Saved entries
+ + + + +
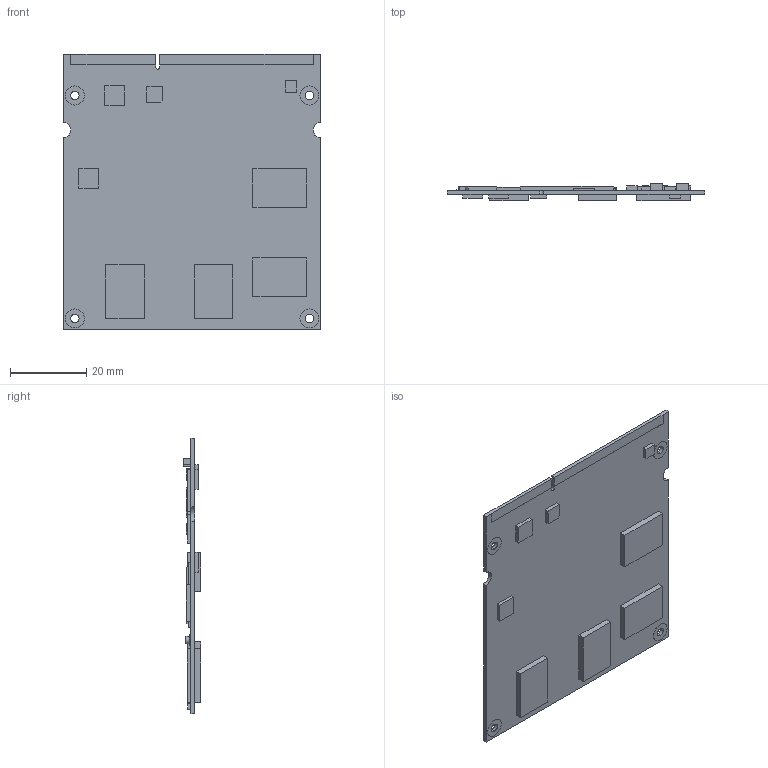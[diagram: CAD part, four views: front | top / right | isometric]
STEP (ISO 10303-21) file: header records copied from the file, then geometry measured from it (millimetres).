
FILE_DESCRIPTION (( 'STEP AP214' ), '1' );
FILE_NAME ('Stock Configuration, CM-T54.STEP', '2014-06-15T06:48:51', ( '' ), ( '' ), 'SwSTEP 2.0', 'SolidWorks 2011', '' );
FILE_SCHEMA (( 'AUTOMOTIVE_DESIGN' ));
Length unit declared in the file: millimetre
Products named in the file (2): PCB-CM-T54; Stock Configuration, CM-T54
Assembly tree (1 placements, depth 2):
  Stock Configuration, CM-T54
    PCB-CM-T54
Bounding box: 67.6 x 4.6 x 72.4 mm (x, y, z)
Volume: 7362.2 mm3; surface area: 11076.8 mm2
Topology: 1 solids, 1 shells, 236 faces, 570 edges, 380 vertices
Faces by surface type: plane 203, cylinder 33
Entity records: 9236 total; most frequent: CARTESIAN_POINT 1190, ORIENTED_EDGE 1140, DIRECTION 1116, EDGE_CURVE 570, LINE 504, VECTOR 504, VERTEX_POINT 380, AXIS2_PLACEMENT_3D 306
+ + + + +
■ **What you will do**: Reproduce the lines above exactly, please, but not the pictures in them.

■ **Exercise result**:
[diagram: CAD part, four views: front | top / right | isometric]
STEP (ISO 10303-21) file: header records copied from the file, then geometry measured from it (millimetres).
FILE_DESCRIPTION (( 'STEP AP214' ), '1' );
FILE_NAME ('Stock Configuration, CM-T54.STEP', '2014-06-15T06:48:51', ( '' ), ( '' ), 'SwSTEP 2.0', 'SolidWorks 2011', '' );
FILE_SCHEMA (( 'AUTOMOTIVE_DESIGN' ));
Length unit declared in the file: millimetre
Products named in the file (2): PCB-CM-T54; Stock Configuration, CM-T54
Assembly tree (1 placements, depth 2):
  Stock Configuration, CM-T54
    PCB-CM-T54
Bounding box: 67.6 x 4.6 x 72.4 mm (x, y, z)
Volume: 7362.2 mm3; surface area: 11076.8 mm2
Topology: 1 solids, 1 shells, 236 faces, 570 edges, 380 vertices
Faces by surface type: plane 203, cylinder 33
Entity records: 9236 total; most frequent: CARTESIAN_POINT 1190, ORIENTED_EDGE 1140, DIRECTION 1116, EDGE_CURVE 570, LINE 504, VECTOR 504, VERTEX_POINT 380, AXIS2_PLACEMENT_3D 306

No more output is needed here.